Most of the lavish praise in the reviews for this production have been for Sondra Radvanovsky as Leonora, and she's fabulous in a famously difficult role. I don't particularly like the sound of her voice, but that's a taste issue which is completely subjective. She gave a great performance. Marco Berti as Manrico has been a bit trashed in the reviews, but I liked the sound of his voice. There was nothing very elegant or particularly musical in his performance but he was not even remotely overpowered by the two strong women singers and his Italian belting style was just fine for the lover/soldier/hero.

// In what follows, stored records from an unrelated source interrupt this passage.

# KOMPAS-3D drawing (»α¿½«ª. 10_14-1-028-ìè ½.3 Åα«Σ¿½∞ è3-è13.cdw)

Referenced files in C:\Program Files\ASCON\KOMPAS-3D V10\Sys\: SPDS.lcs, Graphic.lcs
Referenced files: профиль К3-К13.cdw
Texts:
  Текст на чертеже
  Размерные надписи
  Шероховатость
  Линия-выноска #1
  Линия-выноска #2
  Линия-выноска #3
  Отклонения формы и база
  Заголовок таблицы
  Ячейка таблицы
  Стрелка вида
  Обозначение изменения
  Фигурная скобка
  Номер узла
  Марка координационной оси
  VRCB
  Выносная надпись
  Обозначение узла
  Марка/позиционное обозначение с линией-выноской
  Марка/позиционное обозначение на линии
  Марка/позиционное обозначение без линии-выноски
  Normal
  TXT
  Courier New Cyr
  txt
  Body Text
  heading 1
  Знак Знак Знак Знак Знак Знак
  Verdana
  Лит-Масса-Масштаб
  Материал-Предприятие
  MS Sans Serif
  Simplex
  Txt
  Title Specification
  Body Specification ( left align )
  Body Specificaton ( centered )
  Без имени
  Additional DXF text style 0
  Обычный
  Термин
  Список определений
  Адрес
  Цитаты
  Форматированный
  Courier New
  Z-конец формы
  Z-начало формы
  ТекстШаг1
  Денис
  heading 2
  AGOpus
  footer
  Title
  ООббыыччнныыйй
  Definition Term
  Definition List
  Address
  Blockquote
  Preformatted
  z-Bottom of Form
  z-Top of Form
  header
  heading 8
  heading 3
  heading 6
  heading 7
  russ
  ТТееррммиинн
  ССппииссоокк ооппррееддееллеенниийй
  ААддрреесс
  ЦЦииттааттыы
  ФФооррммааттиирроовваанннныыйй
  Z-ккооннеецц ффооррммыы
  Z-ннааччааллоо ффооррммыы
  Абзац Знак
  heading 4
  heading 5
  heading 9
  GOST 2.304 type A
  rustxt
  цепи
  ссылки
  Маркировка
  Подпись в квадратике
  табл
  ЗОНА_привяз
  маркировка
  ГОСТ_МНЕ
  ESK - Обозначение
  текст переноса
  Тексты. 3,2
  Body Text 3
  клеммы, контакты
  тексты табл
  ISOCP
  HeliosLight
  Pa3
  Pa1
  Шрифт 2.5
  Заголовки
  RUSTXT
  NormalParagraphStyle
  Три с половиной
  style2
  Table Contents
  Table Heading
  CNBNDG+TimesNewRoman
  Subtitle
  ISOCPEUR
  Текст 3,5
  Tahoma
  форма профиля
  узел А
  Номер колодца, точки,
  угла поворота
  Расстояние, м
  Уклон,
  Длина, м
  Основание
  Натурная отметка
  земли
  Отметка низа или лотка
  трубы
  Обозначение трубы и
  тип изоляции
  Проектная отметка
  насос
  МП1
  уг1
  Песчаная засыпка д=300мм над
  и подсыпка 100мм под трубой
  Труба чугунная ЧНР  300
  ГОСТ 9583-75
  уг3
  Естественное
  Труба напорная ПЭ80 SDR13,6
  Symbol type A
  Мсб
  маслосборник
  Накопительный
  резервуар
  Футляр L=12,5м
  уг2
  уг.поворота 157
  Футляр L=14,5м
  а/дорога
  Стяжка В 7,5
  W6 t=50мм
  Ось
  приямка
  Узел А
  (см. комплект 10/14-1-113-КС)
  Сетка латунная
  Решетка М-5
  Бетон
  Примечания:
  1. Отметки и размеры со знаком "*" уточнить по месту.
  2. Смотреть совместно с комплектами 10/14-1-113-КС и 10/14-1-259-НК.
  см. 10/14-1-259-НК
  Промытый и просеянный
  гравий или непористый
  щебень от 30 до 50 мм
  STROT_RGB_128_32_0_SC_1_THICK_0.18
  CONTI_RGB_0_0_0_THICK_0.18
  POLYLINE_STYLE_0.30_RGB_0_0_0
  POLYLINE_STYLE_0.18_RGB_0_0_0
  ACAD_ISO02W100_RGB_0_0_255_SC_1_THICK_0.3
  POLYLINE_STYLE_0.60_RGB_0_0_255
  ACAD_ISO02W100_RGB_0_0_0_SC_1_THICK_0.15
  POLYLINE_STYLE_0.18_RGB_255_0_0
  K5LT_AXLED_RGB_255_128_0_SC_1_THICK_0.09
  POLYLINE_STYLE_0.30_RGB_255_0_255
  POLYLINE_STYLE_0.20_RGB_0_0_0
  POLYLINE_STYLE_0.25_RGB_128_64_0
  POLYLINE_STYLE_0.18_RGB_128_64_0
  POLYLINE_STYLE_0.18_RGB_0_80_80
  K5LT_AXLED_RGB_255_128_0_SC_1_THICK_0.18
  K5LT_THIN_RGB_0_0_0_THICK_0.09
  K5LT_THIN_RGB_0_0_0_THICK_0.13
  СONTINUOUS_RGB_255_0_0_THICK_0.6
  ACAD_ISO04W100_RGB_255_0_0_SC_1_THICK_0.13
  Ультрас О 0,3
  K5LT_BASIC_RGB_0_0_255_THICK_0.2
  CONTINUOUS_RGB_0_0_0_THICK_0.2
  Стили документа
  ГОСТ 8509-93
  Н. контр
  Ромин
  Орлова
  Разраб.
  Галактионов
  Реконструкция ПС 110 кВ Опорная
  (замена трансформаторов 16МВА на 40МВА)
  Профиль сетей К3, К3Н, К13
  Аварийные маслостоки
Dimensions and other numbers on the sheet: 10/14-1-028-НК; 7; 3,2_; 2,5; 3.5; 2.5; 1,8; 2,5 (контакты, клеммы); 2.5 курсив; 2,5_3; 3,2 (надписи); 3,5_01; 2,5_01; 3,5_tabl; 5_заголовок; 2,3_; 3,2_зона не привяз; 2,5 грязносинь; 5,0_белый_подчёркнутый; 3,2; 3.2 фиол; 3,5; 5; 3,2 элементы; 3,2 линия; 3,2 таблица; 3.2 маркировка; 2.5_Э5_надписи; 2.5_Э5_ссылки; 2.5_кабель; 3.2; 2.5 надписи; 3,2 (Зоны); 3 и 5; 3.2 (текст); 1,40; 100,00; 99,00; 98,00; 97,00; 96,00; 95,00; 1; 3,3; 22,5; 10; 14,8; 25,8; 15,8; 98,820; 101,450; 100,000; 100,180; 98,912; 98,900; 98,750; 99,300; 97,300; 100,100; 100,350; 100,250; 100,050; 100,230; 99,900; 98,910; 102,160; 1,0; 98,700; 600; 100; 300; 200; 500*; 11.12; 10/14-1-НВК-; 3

Finally, the expanded men's chorus was simply sensational all night, as they bounced back and forth being gypsies and soldiers, and they followed Luisotti's sometimes eccentric tempos seamlessly.
David Gockley (above) is to be congratulated for putting on a warhorse with such care, unlike in years past when repertory staples were often undercast in San Francisco because the powers that be figured it didn't matter. It's a very good sign of things to come.